Extracted data
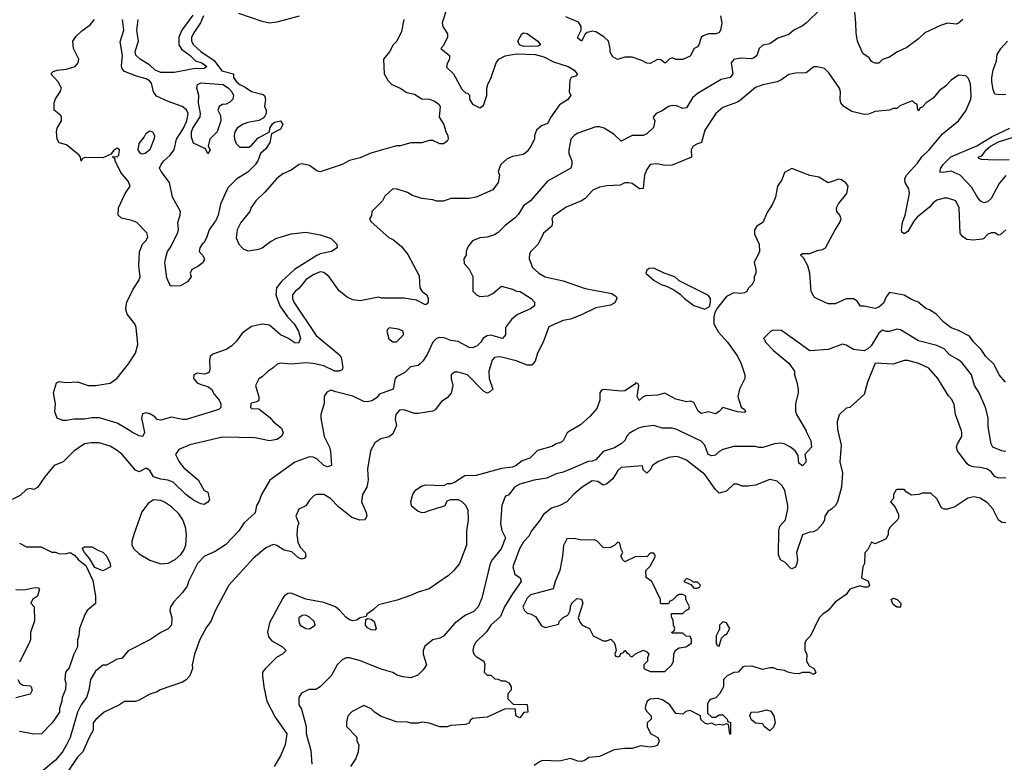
# Model space of a CAD drawing. Header units: inches. Extents: x 2348352 to 2479776, y 460422 to 613655.
# Tile 320 of 590: x 2403772 to 2409202, y 518173 to 522268. Entities that reach past the tile are written whole.
import ezdxf

# ---------------------------------------------------------------- set-up
doc = ezdxf.new("R2010")
doc.units = ezdxf.units.IN
doc.header["$MEASUREMENT"] = 0
doc.layers.add('C4501', color=7, linetype='Continuous')
doc.layers.add('C4502', color=7, linetype='Continuous')

msp = doc.modelspace()

# ---------------------------------------------------------------- linework, layer by layer
at = {"layer": 'C4501', "color": 4}
for points, elevation in [([(2405221.5, 520000), (2405224.9, 519990), (2405216.3, 519970), (2405190, 519953.2), (2405150, 519946), (2405070, 519962), (2404890, 519965.2), (2404710, 519924), (2404650, 519898), (2404632, 519870), (2404651, 519830), (2404676.8, 519796.8), (2404756, 519730), (2404790, 519672), (2404810, 519662), (2404818, 519622), (2404810, 519608), (2404790, 519595.3), (2404770, 519599), (2404730, 519619), (2404689, 519650), (2404617.5, 519717.5), (2404589.6, 519729.6), (2404550, 519734.3), (2404510, 519747.8), (2404490, 519782), (2404470, 519795.3), (2404430, 519775.3), (2404410, 519784), (2404337.2, 519870), (2404310, 519893.2), (2404270, 519917.2), (2404210, 519935.1), (2404165.2, 519934.8), (2404130, 519929), (2404070.9, 519889.1), (2404012, 519830), (2403962, 519810), (2403910, 519748), (2403870, 519688), (2403850, 519678), (2403830, 519682), (2403810, 519678), (2403775.3, 519644.7), (2403730, 519622)], 88), ([(2405445.3, 520000), (2405451, 519970), (2405481, 519910), (2405486.8, 519886.8), (2405490.9, 519809.1), (2405470, 519802.7), (2405450, 519809.5), (2405410, 519846), (2405390, 519856), (2405370, 519857.2), (2405290, 519828.7), (2405151, 519729), (2405104.7, 519650), (2405090.7, 519609.3), (2405078, 519590), (2405070, 519548.7), (2405010, 519494), (2404981, 519450), (2404907.5, 519372.5), (2404850, 519335.3), (2404791.1, 519308.9), (2404752, 519270), (2404702, 519170), (2404695.3, 519144.7), (2404670.7, 519109.3), (2404621.4, 519058.6), (2404604, 519030), (2404600.7, 519010), (2404610.6, 518970), (2404610, 518929), (2404590, 518908.7), (2404551.1, 518888.9), (2404490, 518848), (2404370, 518788), (2404335.3, 518744.7), (2404310, 518742), (2404250.6, 518709.4), (2404230, 518708.7), (2404190, 518675.3), (2404162, 518630), (2404153.4, 518570), (2404140.5, 518530), (2404110.7, 518490), (2404090, 518448.7), (2404050.4, 518310), (2404030, 518269), (2404007.3, 518230), (2403970, 518184.5), (2403878.8, 518110)], 92), ([(2405837.2, 520000), (2405830, 519984), (2405810, 519968), (2405763.5, 519956.5), (2405730, 519935.3), (2405706, 519890), (2405690.8, 519790), (2405694, 519730), (2405690.7, 519709.3), (2405686, 519690), (2405662.8, 519650), (2405658, 519622), (2405657.3, 519610), (2405683.1, 519550), (2405686, 519530), (2405676, 519510), (2405647.9, 519507.9), (2405603.3, 519523.3), (2405530, 519581.2), (2405486.8, 519626.8), (2405450, 519649), (2405410.9, 519649.1), (2405396, 519644), (2405370, 519618), (2405350, 519588), (2405311.6, 519568.4), (2405294, 519530), (2405311, 519490), (2405304.7, 519475.3), (2405301, 519430), (2405306.8, 519386.8), (2405318.8, 519358.8), (2405346.8, 519330), (2405350.6, 519310), (2405342, 519298), (2405330, 519293.2), (2405310, 519301.2), (2405273.6, 519333.6), (2405230, 519342.7), (2405190, 519368.7), (2405170, 519374), (2405130, 519355.3), (2405062, 519298), (2404926, 519150), (2404850, 519008), (2404826, 518950), (2404802.5, 518917.5), (2404766, 518850), (2404736, 518770), (2404722.8, 518710), (2404724.7, 518690), (2404710.7, 518649.3), (2404690, 518628), (2404670, 518615.3), (2404547.1, 518572.9), (2404530, 518562), (2404490, 518548.7), (2404430, 518515.3), (2404410, 518509), (2404350, 518508.7), (2404322, 518490), (2404238, 518450), (2404191, 518409), (2404178, 518390), (2404178, 518350), (2404154.8, 518310), (2404121, 518230), (2404090, 518202), (2404037.5, 518122.5)], 96), ([(2404458.9, 520000), (2404461, 519990), (2404450, 519969), (2404430, 519974), (2404390, 519994), (2404380.4, 520000)], 84), ([(2406808.6, 520000), (2406790.9, 519989.1), (2406770.8, 519949.2), (2406761, 519939), (2406730, 519929), (2406706.4, 519913.6), (2406627.7, 519892.3), (2406584.7, 519850), (2406543.8, 519836.2), (2406510, 519809.3), (2406490, 519801.2), (2406430, 519793.2), (2406290, 519755.1), (2406227.9, 519752.1), (2406170, 519715.3), (2406150, 519708), (2406130, 519708), (2406110, 519698), (2406010, 519702), (2405990, 519695.3), (2405950, 519668), (2405938, 519650), (2405927.1, 519607.1), (2405931.3, 519590), (2405970, 519558), (2405990, 519551.3), (2406008.4, 519551.6), (2406030, 519562), (2406110, 519584.7), (2406118, 519590), (2406130, 519614), (2406150, 519622), (2406190, 519622), (2406210, 519612), (2406230.9, 519590.9), (2406243.6, 519563.6), (2406244.7, 519510), (2406236, 519450), (2406236, 519370), (2406198, 519270), (2406166, 519230), (2406136.1, 519203.9), (2406030.7, 519129.3), (2405970, 519112), (2405928.1, 519091.9), (2405853.7, 519066.3), (2405750, 519042), (2405724, 519016), (2405686.8, 518990), (2405683.6, 518976.4), (2405650, 518969), (2405630, 518957.2), (2405610, 518953.2), (2405590, 518959), (2405570, 518972.7), (2405538, 519010), (2405513.2, 519030), (2405450, 519053.6), (2405350, 519073), (2405270, 519105.1), (2405250, 519103.7), (2405230.4, 519089.6), (2405222.3, 519077.7), (2405150, 518942), (2405138.8, 518890), (2405144.9, 518864.9), (2405162.5, 518842.5), (2405222, 518810), (2405242, 518790), (2405222, 518770), (2405190, 518753.2), (2405127.3, 518690), (2405110.8, 518670), (2405110.7, 518650), (2405118, 518590), (2405134.9, 518510), (2405181.7, 518421.7), (2405246, 518330), (2405236, 518270), (2405210.7, 518209.3), (2405176, 518150)], 104), ([(2407158.1, 520000), (2407133.7, 519986.3), (2407118, 519970), (2407111, 519950), (2407090, 519929.2), (2407052.5, 519907.5), (2406990, 519886.6), (2406950, 519841.2), (2406930, 519833.2), (2406907.5, 519832.5), (2406810.6, 519789.4), (2406770, 519773.2), (2406730, 519764), (2406679.8, 519740.2), (2406610, 519729.3), (2406530, 519706), (2406501, 519690), (2406470, 519648.7), (2406450, 519638), (2406431.3, 519590), (2406422.8, 519490), (2406430.9, 519450.9), (2406451, 519410), (2406427.3, 519350), (2406377.3, 519290), (2406367.3, 519270), (2406321, 519079), (2406301, 519030), (2406276.3, 519003.7), (2406230, 518984), (2406170, 518939), (2406110, 518868.7), (2406090, 518857.2), (2406050, 518848.7), (2406006.8, 518813.2), (2405998, 518790), (2405998, 518770), (2406014.8, 518710), (2405998, 518682), (2405967.1, 518652.9), (2405930, 518639.3), (2405884.7, 518644.7), (2405854, 518654), (2405830, 518668.7), (2405766.3, 518686.3), (2405652.1, 518732.1), (2405591.6, 518748.4), (2405571.6, 518748.4), (2405550, 518738), (2405522, 518710), (2405490.6, 518649.4), (2405430, 518588.7), (2405406, 518574), (2405366.4, 518573.6), (2405325.4, 518554.6), (2405311.3, 518530), (2405311.3, 518490), (2405326.4, 518466.4), (2405351.3, 518370), (2405351.6, 518331.6), (2405378.5, 518238.5), (2405383.4, 518163.4)], 108), ([(2408285, 520000), (2408302, 519922), (2408296, 519830), (2408310.7, 519769.3), (2408304.7, 519690), (2408282, 519610), (2408271.1, 519588.9), (2408250, 519568), (2408230, 519558), (2408212, 519530), (2408211.3, 519510), (2408201, 519490), (2408170, 519455.3), (2408150, 519444), (2408130, 519442), (2408090, 519428), (2408056, 519330), (2408061, 519290), (2408058.8, 519270), (2408050, 519248.7), (2408030, 519239), (2408022.7, 519242.7), (2407994.6, 519274.6), (2407968.9, 519288.9), (2407956.4, 519316.4), (2407958, 519450), (2407964.7, 519475.3), (2407995.3, 519510), (2408009, 519570), (2408009.2, 519590), (2407991.9, 519671.9), (2407977, 519697), (2407950, 519724), (2407910, 519733.2), (2407830, 519702), (2407790, 519695.3), (2407756.4, 519696.4), (2407730, 519706), (2407710, 519706), (2407670, 519668), (2407630, 519658), (2407610, 519678), (2407550, 519759.3), (2407450, 519839.3), (2407410, 519856), (2407390, 519859.3), (2407350, 519853.2), (2407292, 519830), (2407262, 519810), (2407250, 519786), (2407230, 519768), (2407210, 519786), (2407207.3, 519807.3), (2407090, 519799), (2407070, 519782), (2407044, 519736), (2407010, 519708), (2406990, 519702), (2406961.2, 519721.2), (2406930, 519726), (2406874.8, 519690), (2406826, 519650), (2406790.4, 519609.6), (2406751.3, 519590), (2406704.7, 519575.3), (2406660.9, 519539.1), (2406637.3, 519502.7), (2406594, 519450), (2406579.9, 519420.1), (2406550, 519388.7), (2406528, 519350), (2406491.3, 519250), (2406502, 519210), (2406531.3, 519190), (2406538, 519170), (2406490, 519102.7), (2406446.4, 519030), (2406423.8, 518976.2), (2406370.6, 518930), (2406346.9, 518893.1), (2406285.8, 518834.2), (2406274.8, 518810), (2406270.8, 518790), (2406276, 518770), (2406290, 518756), (2406331.3, 518730), (2406338, 518710), (2406334, 518670), (2406350, 518654), (2406370, 518654), (2406392.7, 518632.7), (2406411.6, 518631.6), (2406430, 518622), (2406450, 518622), (2406470, 518612), (2406482, 518590), (2406482, 518570), (2406464.7, 518550), (2406463.6, 518523.6), (2406492.7, 518492.7), (2406570, 518492), (2406574, 518450), (2406552, 518448), (2406530, 518418), (2406509, 518429), (2406506, 518466), (2406450, 518468), (2406350, 518421.2), (2406270, 518415.3), (2406256.9, 518403.1), (2406250.8, 518389.2), (2406230, 518382), (2406150, 518375.3), (2406130, 518368.7), (2406090, 518368.7), (2406030, 518388.7), (2405990, 518394), (2405970, 518389), (2405930, 518389), (2405910, 518394), (2405850, 518395.3), (2405764.7, 518424.7), (2405728.9, 518448.9), (2405710, 518468), (2405670, 518486), (2405606.4, 518453.6), (2405582, 518430), (2405574, 518394), (2405574, 518370), (2405630.9, 518310.9), (2405632, 518290), (2405642, 518270), (2405638, 518230), (2405626.4, 518193.6), (2405596, 518150)], 112), ([(2408108.8, 520000), (2408110, 519998), (2408134.4, 519945.6), (2408138.8, 519910), (2408102, 519870), (2408110.4, 519829.6), (2408090, 519808), (2408070, 519822), (2408065.6, 519865.6), (2408049, 519890), (2408024, 519910), (2407988, 519930), (2407970, 519933.6), (2407934, 519930), (2407870, 519909), (2407849.1, 519909.1), (2407830, 519915.3), (2407710, 519914), (2407650, 519897.2), (2407630, 519886), (2407610, 519866.6), (2407590, 519862.7), (2407569.7, 519869.6), (2407550, 519922), (2407530, 519944), (2407410.3, 520000)], 108), ([(2409210, 519741.2), (2409170, 519739), (2409150, 519749), (2409130, 519775.3), (2409109.1, 519789.1), (2409070, 519799), (2409030, 519802), (2409009, 519809), (2408998, 519818), (2408944, 519890), (2408939, 519910), (2408944, 519930), (2408969, 519970), (2408969, 519990), (2408965.5, 520000)], 112), ([(2409210, 519886.6), (2409188, 519890), (2409139, 519910), (2409129.3, 519930), (2409117.9, 520000)], 108), ([(2409210, 519494), (2409190, 519495.3), (2409170, 519508), (2409139.3, 519570), (2409110, 519604), (2409070, 519629), (2409036.5, 519636.5), (2409002, 519630), (2408930, 519582), (2408890, 519568.7), (2408870, 519568), (2408856.4, 519576.4), (2408830, 519626), (2408796.4, 519656.4), (2408750, 519658), (2408731.1, 519648.9), (2408690, 519646), (2408663.1, 519663.1), (2408650, 519678), (2408610, 519678), (2408605.4, 519674.6), (2408592, 519650), (2408591.6, 519628.4), (2408574, 519610), (2408599.6, 519579.6), (2408619.6, 519539.6), (2408619.6, 519520.4), (2408614, 519510), (2408572, 519470), (2408562, 519450), (2408562, 519430), (2408550, 519406), (2408490, 519378), (2408470, 519386), (2408450, 519346), (2408432.7, 519327.3), (2408431.3, 519270), (2408422, 519250), (2408414, 519190), (2408451, 519171), (2408458, 519150), (2408455.3, 519144.7), (2408450, 519138), (2408430, 519138), (2408406, 519146), (2408350, 519128), (2408330, 519098), (2408270, 519055.3), (2408230.7, 519009.3), (2408202, 518990), (2408182, 518970), (2408134, 518870), (2408110, 518846), (2408102, 518830), (2408102, 518790), (2408114, 518770), (2408112, 518730), (2408125.4, 518705.4), (2408152, 518690), (2408162, 518670), (2408156.9, 518663.1), (2408150, 518658), (2408130, 518668.7), (2408090, 518669), (2408070, 518661.2), (2408042, 518662), (2408009.2, 518669.2), (2407990, 518679), (2407950, 518684), (2407930, 518694), (2407910, 518694), (2407870, 518684), (2407810, 518704), (2407770, 518702), (2407761, 518699), (2407734, 518670), (2407710, 518668), (2407674, 518650), (2407654, 518630), (2407654, 518590), (2407632, 518550), (2407611, 518529), (2407581, 518519), (2407572, 518510), (2407564.7, 518495.3), (2407564.7, 518444.7), (2407590, 518422), (2407610, 518422), (2407630, 518434), (2407650, 518434), (2407674, 518410), (2407678, 518398), (2407691.6, 518391.6), (2407692.7, 518327.3), (2407688.4, 518328.4), (2407682, 518382), (2407670, 518386), (2407650, 518378), (2407630, 518382), (2407610, 518378), (2407590, 518388), (2407563.1, 518383.1), (2407550, 518388), (2407528.9, 518408.9), (2407526, 518430), (2407470, 518458), (2407446.4, 518453.6), (2407430, 518438), (2407390, 518442), (2407358, 518490), (2407318, 518518), (2407290, 518524), (2407250, 518522), (2407232, 518510), (2407223.6, 518483.6), (2407222, 518470), (2407230, 518454), (2407254, 518430), (2407254, 518410), (2407232, 518390), (2407232, 518370), (2407251.6, 518331.6), (2407292, 518310), (2407298, 518290), (2407290, 518268), (2407278.8, 518261.2), (2407250, 518257.2), (2407196.9, 518263.1), (2407150, 518248.7), (2407110, 518249), (2407050, 518241.2), (2406970, 518205.2), (2406910, 518199), (2406890, 518184), (2406870, 518177.2), (2406850, 518179), (2406810, 518194), (2406750, 518179), (2406656.9, 518183.1), (2406642, 518178), (2406610, 518155.3)], 116), ([(2403770, 519382), (2403810, 519362), (2403890, 519362), (2403950, 519332), (2403971.1, 519331.1), (2403990, 519322), (2404030, 519324.7), (2404050.8, 519330.8), (2404074.8, 519314.8), (2404096, 519290), (2404137.5, 519257.5), (2404175.5, 519175.5), (2404190.8, 519090), (2404190.7, 519049.3), (2404144.7, 519010), (2404131.1, 518988.9), (2404101, 518910), (2404098, 518870), (2404091.6, 518848.4), (2404091, 518810), (2404071, 518770), (2404045.4, 518694.6), (2404024.7, 518670), (2404021, 518630), (2404026, 518610), (2404025.4, 518574.6), (2404006, 518530), (2404004.7, 518510), (2403991, 518469), (2403990.8, 518450), (2403951, 518390), (2403891.3, 518330), (2403850, 518327.3), (2403770, 518343)], 88), ([(2403750, 519126), (2403795.1, 519124.9), (2403857.3, 519137.3), (2403875.3, 519135.3), (2403882, 519130), (2403870.8, 519089.2), (2403842, 519070), (2403834, 519050), (2403852, 519030), (2403852.7, 518952.7), (2403831.6, 518888.4), (2403831.3, 518850), (2403824.7, 518830), (2403770, 518726)], 84), ([(2403762, 518630), (2403772, 518610), (2403790, 518598), (2403830, 518594.8), (2403836, 518590), (2403840.7, 518570), (2403830, 518549.3), (2403750, 518528)], 84)]:
    msp.add_lwpolyline(points, dxfattribs=dict(at, elevation=elevation))
for points, elevation in [([(2404510, 519621.2), (2404479.8, 519600.2), (2404444.9, 519555.1), (2404401, 519430), (2404391, 519390), (2404391, 519370), (2404401, 519350), (2404430, 519322.8), (2404490, 519286.8), (2404550, 519266.8), (2404590, 519271.3), (2404628.9, 519291.1), (2404660.4, 519319.6), (2404678, 519342), (2404689, 519371), (2404692.7, 519430), (2404686, 519470), (2404672.3, 519510), (2404650, 519542.7), (2404610, 519580.9), (2404570, 519606.6), (2404550, 519617.2)], 92), ([(2406830, 519408), (2406790, 519406), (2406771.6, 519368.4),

Task instructions
Count how many lines of the listing include "layers". Nothing but the number is wanted.

Reply to the exercise
2